OS Clusters in SAP on AWS landscapes

#saponaws #aws #sap #cluster

Cluster software are designed to provide an automatic high availability and failover capability in an enterprise environment. This ensures that business can operate without disruptions. While the public cloud environments, including AWS, provides resiliency by virtualizing the infrastructure which makes the underlying physical infrastructure failures transparent for the application, the infrastructure is not the only layer that can fail, there is an Operating System, a kernel in-built in that OS that translates requests to underlying layers, the storage, network, and the application itself which can fail and cause disruptions for business processes. It is hence important to ensure design patterns that can tolerate such failures. The whole AWS zone can suffer a network issue or in worst case a natural calamity, which also can lead to a business outage for SAP usage. Let us understand how clusters use specific AWS services in SAP environments.

The standard SAP application for ABAP follows a design that has 2 single point of failures. The first one is named ABAP SAP Central Services (ASCS), which consists of a message server and an enqueue server process. While the message server does the task of receiving and dispatching requests to appropriate application server, the enqueue plays the role of managing locks to ensure that application-level consistency is guaranteed. The second component is Database, which is the heavy component in terms of size and is also key to performance.
To ensure SAP on AWS can continue to perform in a stable manner, there are several cluster designs possible, in this blog we will deep-dive on 2 of them, namely, Pacemaker and Windows Server Failover Cluster (WSFC).

Pacemaker is available for SUSE Linux and RedHat Linux operating systems at a small additional cost with Operating System licensing. Among the other third-party solutions, this offering is popular because of the low cost and low maintenance. In AWS, there are few key items that need to be considered for this.

1.STONITH -The STONITH is an abbreviation for a very interesting term, Shoot The Other Node In The Head, which in literal sense means the same. Its basically a device or a service that is managed as a part of cluster. In AWS, it is named external/ec2 and this is an I/O based fencing agent. I/O based fencing agents are designed to ensure that no I/O can happen from a faulty node and it is detected using Quorum policy.

2.Overlay IP Agent - Its a cluster resource that is just acting as a watchdog and is intended to avoid a split-brain situation when there is a 2-node cluster. This application is also capable of shutting down AWS EC2 instances and update route tables. We will deep-dive on this agent in another article, however for understanding, consider this as an external watchdog that ensures a split-brain situation in a cluster can be avoided.

3.Route Table - The Overlay IP has to be routed to the currently active cluster node (EC2 instance), and this is achieved using the entry in route table attached to the VPC. The route tables are updated by cluster when failover happens.

4.AWS Transit Gateway - A scalable cloud router that will allow traffic from on-premise networks and other VPCs to be routed to Overlay IP.

5.Network Load Balancer - An alternative to Transit Gateway, this mechanism is primarily intended to be used for TCP load balancing scenarios, however the same can be leveraged for routing as well.

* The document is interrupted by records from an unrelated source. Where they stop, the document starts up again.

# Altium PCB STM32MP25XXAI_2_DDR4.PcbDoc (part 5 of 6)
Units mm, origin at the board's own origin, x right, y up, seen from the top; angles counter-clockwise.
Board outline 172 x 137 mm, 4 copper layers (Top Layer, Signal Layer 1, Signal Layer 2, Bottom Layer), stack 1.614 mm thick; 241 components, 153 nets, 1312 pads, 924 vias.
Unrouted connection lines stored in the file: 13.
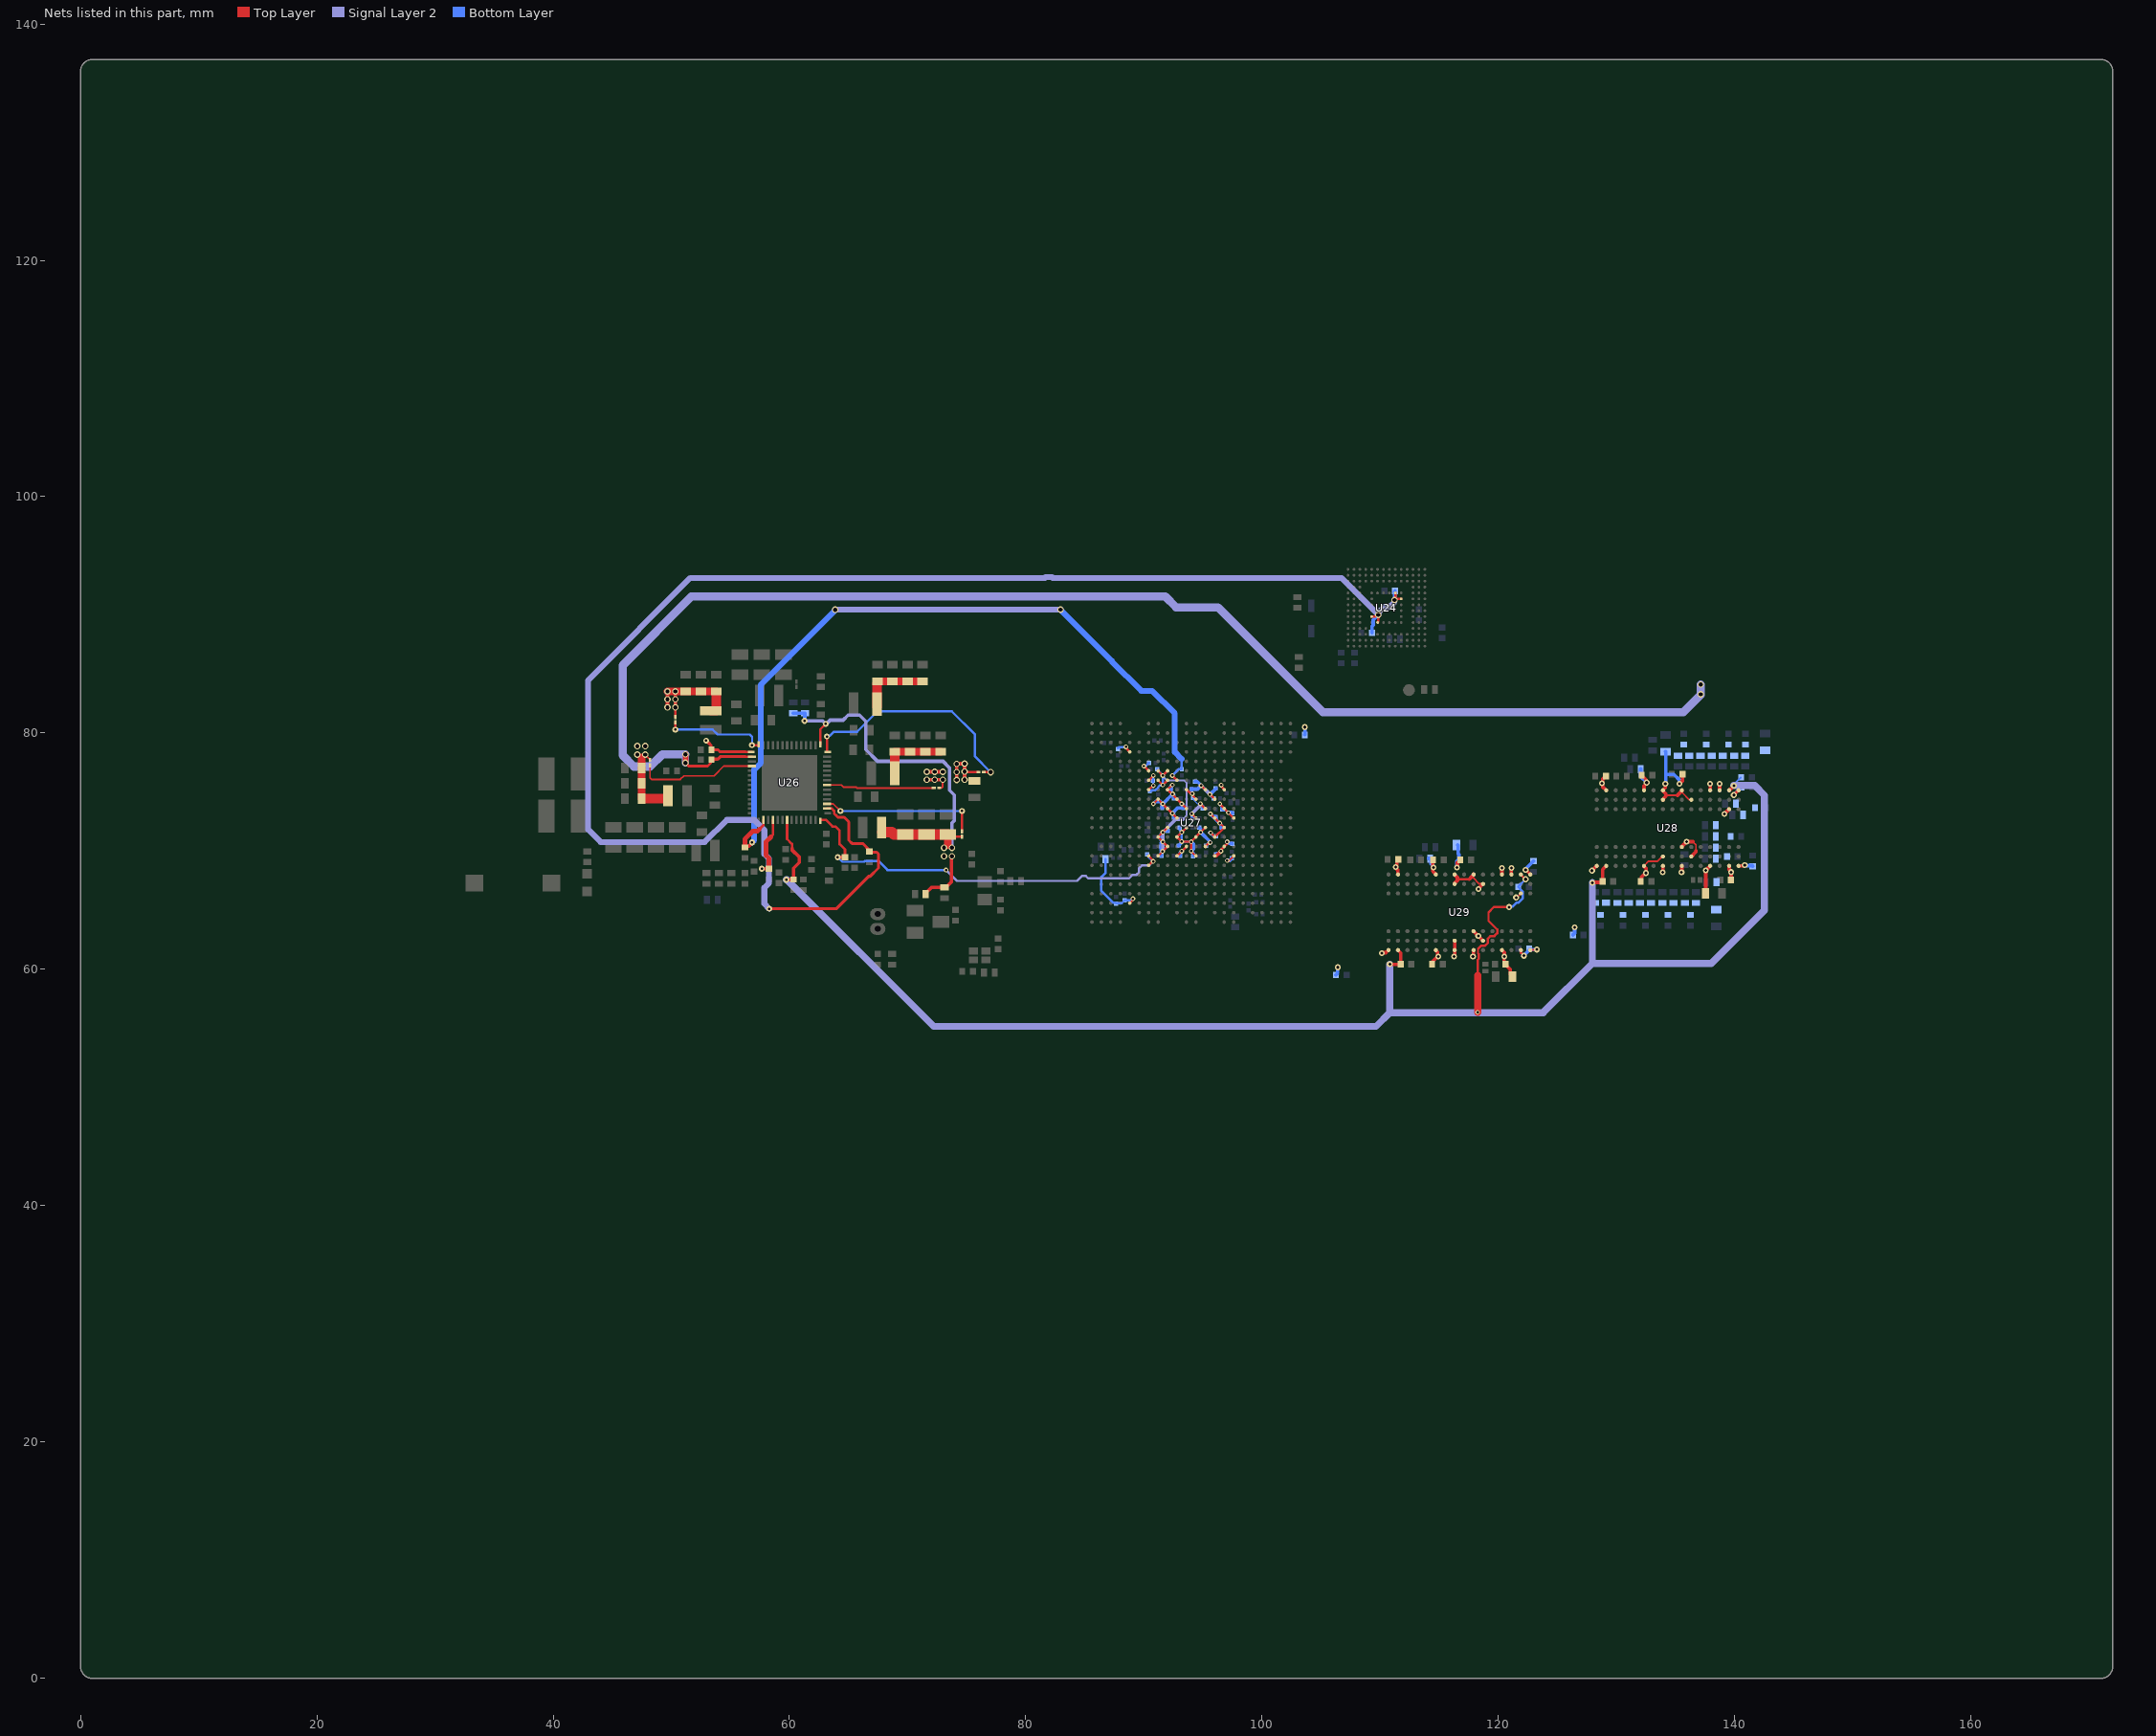
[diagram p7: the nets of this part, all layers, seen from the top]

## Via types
v1: diameter 0.55, hole 0.35, Top Layer to Bottom Layer, 432 vias
v2: diameter 0.4, hole 0.2, Top Layer to Bottom Layer, tented both sides, 202 vias
v3: diameter 0.5, hole 0.2, Top Layer to Bottom Layer, 146 vias
v4: diameter 0.5, hole 0.25, Top Layer to Bottom Layer, 144 vias

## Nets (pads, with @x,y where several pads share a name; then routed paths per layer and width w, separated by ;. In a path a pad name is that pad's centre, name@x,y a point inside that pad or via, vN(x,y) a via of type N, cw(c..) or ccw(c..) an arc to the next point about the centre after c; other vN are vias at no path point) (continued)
VDD_DDR: C39.2 C41.2 C48.2 C50.2 C51.2 C53.2 C54.1 C55.2 C56.2 C57.2 C58.2 C59.2 C60.2 C76.2 C77.2 C80.2 C82.2 C84.2 C85.2 C93.2 C94.2 C99.2 C200.2 C202.2 C236.2 C238.2 C247.2 C261.2 C262.2 C264.2 C276.2 C278.2 C279.2 L5.2 LNK8.2 R300.2 R302.2 U26.43 U27.K15 U27.L14 U27.L16 U27.M15 U27.N14 U27.P15 U27.R14 U27.R16 U28.A1 U28.A9 U28.B3 U28.B9 U28.C1 U28.D1 U28.D9 U28.F2 U28.F8 U28.G1 U28.G7 U28.G9 U28.J1 U28.J2 U28.J8 U28.J9 U28.L1 U28.L9 U28.R1 U28.T9 U29.A1 U29.A9 U29.B3 U29.B9 U29.C1 U29.D1 U29.D9 U29.F2 U29.F8 U29.G1 U29.G7 U29.G9 U29.J1 U29.J2 U29.J8 U29.J9 U29.L1 U29.L9 U29.R1 U29.T9 | length 80.3
  Top Layer w0.09: U29.J8@116.269,62.399 U29.J8@116.269,62.424 ; 135.525,74.975 U28.G1@135.525,75.094
  Top Layer w0.1: U27.R16@97.575,69.6 U27.R16@97.6,69.6
  Top Layer w0.15: v1(47.798,78.165) 48.2,77.763 LNK8.2@48.2,77.723 ; 117.718,67.815 117.757,67.815 117.797,67.775 117.845,67.775 118.389,67.232 118.694,67.232 U29.F2@118.7,67.225 ; U29.G1@117.9,67.998 U29.G1@117.9,68.025 ; v4@121.5,66.054 121.514,66.054 121.885,66.425 U29.B3@121.9,66.425 ; U28.L9@132.325,68.75 132.325,68.775 132.7,69.15 133.475,69.15 U28.J8@133.936,69.611 ; 134.158,74.728 135.167,74.728 ; 135.525,74.975 136.15,74.35 U28.F2@136.325,74.35 ; 136.45,70.8 136.725,70.525 136.725,70.05
  Top Layer w0.2: v2@95.6,73.15 v2(95.625,73.15) 95.65,73.15 U27.L14@96,72.8 v2(96.42,72.379) ; v2@95.625,71.575 U27.N14@96,71.2 U27.M15@96.8,72 v2@96.421,72.379 ; v2@96.4,74 U27.K15@96.8,73.6 v2(97.15,73.25) ; v2(96.525,70) 96.563,70.038 96.563,70.163 U27.P15@96.8,70.4 97.05,70.65 v2(97.05,70.8) ; v2(97.05,69.2) 97.2,69.2 U27.R16@97.6,69.6 ; v2@97.125,73.275 v2(97.15,73.25) ; U27.L16@97.6,72.8 v2(97.15,73.25) ; 116.526,67.625 117.535,67.625 ; U29.B9@121.9,61.625 121.906,61.619 121.906,61.394 v4(122.15,61.15) ; U29.A9@122.7,61.625 122.725,61.65 123.225,61.65 v4(123.25,61.675)
  Top Layer w0.21: 56.275,78.4 U26.43@56.825,78.4
  Top Layer w0.25: 53.195,79.125 53.199,79.125 53.345,78.979 53.345,78.685 C39.2@53.455,78.575 ; C39.2@53.505,78.575 53.975,78.575 54.15,78.4 56.275,78.4
  Top Layer w0.3: v3@52.944,79.376 53.195,79.125 ; U27.R14@96,69.6 96.125,69.6 v2(96.525,70) ; v4@110.105,61.41 v4(110.144,61.372) 110.182,61.41 110.459,61.41 110.673,61.625 U29.T9@110.7,61.625 ; U29.R1@111.5,68.025 111.481,68.044 111.481,68.415 111.3,68.596 v4(111.3,68.65) 111.3,68.704 111.42,68.824 111.42,69.195 C77.2@111.525,69.3 ; C94.2@114.356,60.385 C94.2@114.394,60.422 ; C76.2@114.45,69.197 114.45,68.6 114.45,68.3 114.7,68.05 U29.L1@114.7,68.025 ; C94.2@114.468,60.697 114.846,61.075 v4(114.9,61.075) 114.862,61.113 114.862,61.436 114.7,61.598 U29.L9@114.7,61.625 ; v4(116.25,61.075) 116.3,61.125 U29.J9@116.3,61.625 U29.J8@116.3,62.425 ; U29.J2@116.3,67.225 116.32,67.244 116.32,67.317 116.526,67.524 116.526,67.625 116.526,67.772 116.3,67.998 U29.J1@116.3,68.025 ; v4@116.492,68.629 116.538,68.675 116.538,69.013 116.775,69.25 C80.2@116.775,69.275 ; 117.535,67.625 117.535,67.632 117.718,67.815 U29.G1@117.9,67.998 ; v4(117.85,61.075) 117.85,61.129 117.891,61.17 117.891,61.615 U29.G9@117.9,61.625 ; U29.G1@117.881,68.044 U29.G1@117.9,68.025 ; v4@117.896,61.08 v4@117.9,61.084 ; U29.G7@117.9,63.225 117.9,63.213 117.913,63.213 v4(118.3,62.825) ; v4@118.3,62.813 v4(118.3,62.825) ; v4(118.325,66.8) 118.325,66.837 118.7,67.213 U29.F2@118.7,67.225 ; U29.F8@118.7,62.425 v4(118.3,62.825) ; U29.D9@120.3,61.625 120.5,61.425 v4(120.5,61.075) 120.47,61.045 120.47,60.53 C93.2@120.825,60.175 ; U29.D1@120.3,68.025 v4(120.3,68.575) ; C93.2@120.6,60.425 120.6,60.4 121.005,59.995 121.005,59.57 C99.2@121.175,59.4 ; U29.C1@121.1,68.025 v4(121.1,68.575) ; v4(122.3,68.425) U29.A1@122.7,68.025 ; v4(127.927,68.35) 128.305,68.728 U28.T9@128.332,68.728 ; C51.2@129.095,76.371 129.095,76.346 128.813,76.065 128.813,75.788 v4(128.775,75.75) 128.813,75.712 128.813,75.462 U28.R1@129.125,75.15 ; C84.2@132.025,67.425 C84.2@132.05,67.45 132.1,67.499 132.1,67.8 132.478,68.178 132.497,68.178 v4@132.5,68.175 ; C50.2@132.125,76.425 132.125,76.4 132.23,76.295 132.255,76.295 132.512,76.038 132.512,75.838 v4(132.55,75.8) 132.55,75.749 132.325,75.524 U28.L1@132.325,75.15 ; U28.L9@132.332,68.701 132.5,68.533 v4@132.5,68.175 ; v4(132.5,68.15) v4@132.5,68.175 ; v4(133.9,68.2) 133.925,68.225 U28.J9@133.925,68.75 ; U28.J1@133.925,75.15 134.125,75.35 v4(134.125,75.7) ; U28.J2@133.932,74.328 133.951,74.347 133.951,74.42 134.158,74.627 134.158,74.728 134.158,74.875 U28.J1@133.932,75.101 ; 135.167,74.728 135.167,74.735 U28.G1@135.525,75.094 ; v4(135.325,75.7) 135.575,75.95 C48.2@135.575,76.375 ; v4(135.5,68.2) 135.525,68.225 U28.G9@135.525,68.75 ; U28.G7@135.525,70.35 135.525,70.4 v4(135.925,70.8) 136.45,70.8 ; U28.F8@136.325,69.55 136.725,69.95 136.725,70.05 ; C85.2@137.525,66.425 137.542,66.442 137.542,68.367 v4(137.55,68.375) 137.903,68.728 U28.D9@137.932,68.728 ; U28.D1@137.932,75.128 v4@137.932,75.678 ; U28.C1@138.732,75.128 v4@138.732,75.678 ; v4(139.125,73.15) U28.B3@139.525,73.55 ; U28.B9@139.525,68.75 139.535,68.74 139.535,68.445 139.7,68.279 v4(139.7,68.225) 139.688,68.213 139.688,67.563 C82.2@139.675,67.55 ; v4(139.925,74.75) U28.A1@140.325,75.15 ; U28.A9@140.325,68.75 140.335,68.76 140.73,68.76 140.796,68.825 v4(140.85,68.825)
  Top Layer w0.64: C202.2@47.475,74.45 C41.2@47.475,75.75 C200.2@47.475,77.05 ; 47.475,77.495 47.475,77.925
  Top Layer w0.8: C202.2@47.7,74.45 L5.2@49.475,74.45
  Signal Layer 2 w0.3: v2@96.356,72.394 96.406,72.394 v2@96.425,72.375
  Bottom Layer w0.09: C279.2@140.55,75.425 C279.2@140.575,75.4
  Bottom Layer w0.2: v2@96.4,74 96.4,73.946 96.549,73.796 96.549,73.599 C60.2@96.624,73.524 ; C60.2@96.631,73.524 96.704,73.452 96.933,73.452 97.135,73.25 v2(97.15,73.25) ; v2@97.125,73.275 v2(97.15,73.25) ; v2@97.15,73.23 v2(97.15,73.25)
  Bottom Layer w0.3: v2@95.6,71.575 95.9,71.275 C55.2@96.1,71.275 ; v2@95.6,73.15 v2(95.625,73.15) ; v2@95.627,73.15 v2(95.625,73.15) ; C59.2@96.1,69.725 96.175,69.8 96.308,69.8 96.508,70 v2(96.525,70) ; v2(96.42,72.379) 96.394,72.379 96.124,72.649 96.124,72.687 96.099,72.712 96.099,72.85 C56.2@96.074,72.875 96.049,72.9 95.875,72.9 v2(95.625,73.15) ; v2@96.425,72.375 96.425,72.347 96.549,72.223 96.549,71.999 C57.2@96.574,71.974 ; v2@97.023,70.8 v2(97.05,70.8) 97.077,70.8 97.227,70.65 97.45,70.65 C54.1@97.475,70.625 ; v2(97.05,69.2) 97.069,69.219 97.269,69.219 C53.2@97.45,69.4 ; v2@97.125,73.275 97.425,73.275 C58.2@97.5,73.2 ; C276.2@103.62,79.846 103.625,79.851 v4(103.625,80.5) ; C264.2@106.25,59.525 106.4,59.675 v4(106.4,60.175) ; R300.2@114.1,69.38 114.205,69.275 114.305,69.175 114.305,68.947 114.462,68.79 114.462,68.663 v4(114.5,68.625) ; v4@116.5,68.575 116.492,68.583 116.492,69.16 116.65,69.318 116.65,69.732 116.596,69.787 116.596,70.479 C236.2@116.55,70.525 ; v4@122.075,61.1 122.65,61.675 v4(123.25,61.675) ; v4(122.3,68.425) 122.339,68.463 122.339,68.538 122.95,69.15 C247.2@122.975,69.15 ; C261.2@126.3,62.9 126.45,63.05 v4(126.45,63.55) ; R302.2@132.05,76.95 132.05,76.3 v4(132.55,75.8) ; v4(134.125,75.7) 134.166,75.741 134.166,76.487 ; C278.2@134.15,78.425 134.166,78.409 134.166,76.873 134.166,76.487 ; 134.166,76.114 134.166,76.487 ; v4(135.325,75.7) 135.325,76.025 134.864,76.487 134.166,76.487 ; v4(139.925,74.75) 139.925,74.8 140.55,75.425 C279.2@140.438,75.313 ; v4@140.875,68.775 141.475,68.775 C238.2@141.525,68.725
  other v1: 47.123,78.165 47.123,78.89 47.798,78.89
  other v2: 95.65,71.55 96.425,74
  other v3: 52.95,79.348
  other v4: 121.5,66.08 116.5,68.625 137.925,75.7 138.725,75.7
VDD_DDR_FB: LNK8.1 U26.46 | length 10.2
  Top Layer w0.15: LNK8.1@48.2,77.273 48.2,76.19 48.317,76.073 50.767,76.073 51.067,76.373 51.737,76.373 51.739,76.375 53.627,76.375 54.452,77.2 U26.46@56.83,77.2
VDD_EMMC: C177.2 C180.2 C190.1 U24.E6 U24.F5 U24.J10 U24.K9 U26.16 | length 133.6
  Top Layer w0.2: U24.E6@109.275,89.85 109.58,89.85 109.73,90 v1(109.825,90) ; U24.F5@109.775,89.35 109.775,89.358 109.825,89.408 v1@109.825,89.85 ; v1(111.2,91.25) v1@111.275,91.325 ; U24.J10@111.275,91.85 111.275,91.42 111.267,91.412 111.267,91.333 v1@111.275,91.325 ; U24.K9@111.775,91.35 111.395,91.35 111.362,91.317 111.283,91.317 v1@111.275,91.325
  Top Layer w0.21: U26.16@63.17,73.6 63.6,73.6 63.788,73.412 63.788,73.188 63.934,73.041
  Top Layer w0.25: v3(58.3,65.125) 63.96,65.125 66.7,67.865 66.822,67.865 67.535,68.578 67.535,69.764 67.389,69.91 66.805,69.91 C190.1@66.75,69.965 ; 63.932,73.038 64.098,72.872 64.628,72.872 65.025,72.475 65.025,70.925 65.3,70.65 66.195,70.65 C190.1@66.75,70.095
  Signal Layer 2 w0.5: v3(58.3,65.125) 57.872,65.553 57.872,66.908 58.265,67.301 58.265,69.369 57.872,69.762 57.872,71.786 57.009,72.649 54.703,72.649 52.827,70.773 44.024,70.773 42.958,71.839 42.958,84.457 51.616,93.115 81.606,93.115 81.691,93.2 82.209,93.2 82.294,93.115 85.406,93.115 85.416,93.125 85.934,93.125 85.944,93.115 106.726,93.115 v1@109.678,90.163 ; v1(109.825,90) 109.835,90.01 109.835,90.196 110.259,90.62 110.475,90.62 110.737,90.62 111.2,91.083 v1(111.2,91.25)
  Bottom Layer w0.3: C180.2@109.3,88.475 109.3,89.049 109.4,89.149 109.4,89.575 v1(109.825,90) ; v1(111.2,91.25) 111.225,91.275 111.225,92 C177.2@111.25,92.025
VDD_SDCARD: C142.1 U26.4 | length 5.1
  Top Layer w0.21: 58.425,71.2 58.6,71.375 U26.4@58.6,72.63
  Top Layer w0.3: v3(57.665,68.51) C142.1@58.275,68.51
  Top Layer w0.4: C142.1@58.275,68.51 58.275,69.393 58.01,69.658 58.01,70.785 58.425,71.2
VDDA1V8_AON: C189.2 C234.2 U26.14 U27.R7 U27.T7 | length 35.8
  Top Layer w0.2: U27.T7@90.4,68.8 90.687,69.087 90.757,69.087 v2(90.795,69.125) 90.795,69.178 90.4,69.573 U27.R7@90.4,69.6
  Top Layer w0.21: U26.14@62.6,72.63 63.11,72.63 63.648,72.092 63.887,72.092 64.245,71.734 64.245,70.602 64.7,70.147 C189.2@64.7,69.49
  Top Layer w0.3: v3(64.09,69.49) C189.2@64.7,69.49
  Signal Layer 2 w0.2: v2(73.253,68.406) 73.259,68.406 74.183,67.482 84.342,67.482 84.76,67.9 85.091,67.9 85.292,67.699 88.734,67.699 89.034,68 89.2,68 89.366,68 89.6,68.234 89.6,68.566 89.835,68.8 90.47,68.8 v2(90.795,69.125) v2@90.726,69.125
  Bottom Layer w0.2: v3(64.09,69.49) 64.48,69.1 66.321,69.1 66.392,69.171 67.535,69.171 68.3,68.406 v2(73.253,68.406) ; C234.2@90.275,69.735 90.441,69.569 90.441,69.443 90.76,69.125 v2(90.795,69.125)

6.*EFS / FSx for Lusture / FSx for Windows File Server * - The cluster setups require a shared filesystem between the participating servers which can provide consistent reads/write. In case of AWS, this is available via FSx for Lusture for Unix based operating systems, while for Windows FSx for Windows File Server solves the purpose. The services are completely managed by AWS, and are available across zones. Elastic File Systems, or EFS, provide file services as well which is basically a manager NAS

All these services work in combination as depicted below

The Pacemaker, developed by ClusterLabs (https://clusterlabs.org/pacemaker/) is a cluster resource manager that is capable of detecting and recovering in case of machine and application failures. The various features like quorum, restriction to run resource on same machine, dealing with quorum loss scenarios are designed to provide the resiliency intended for enterprise-scale applications. Pacemaker is developed for Unix based operating systems and is integrated to both Redhat and SUSE Linux, which makes it a default choice for SAP HANA database clusters. In addition, it can be used for scenarios where SAP central services use one of the 2 operating systems as well. On AWS, both OS are supported and available in subscription based as well as bring your own license model.

Windows Server Failover Cluster, a Microsoft cluster management software, that is available natively for Windows servers, is leveraged in SAP landscapes where application layer uses Windows OS based ASCS and ERS server. From an AWS perspective, the design principle is closely aligned to the Pacemaker setup. The Windows setups require an Active Directory integration to work seamlessly and hence this design pattern additionally requires Microsoft Active Directory in same VPC or a peered VPC.

In addition to above cluster solutions, there are also other partner products below that can be setup to provide cluster setups, I will cover a comparison with pros and cons in another blog post for these products.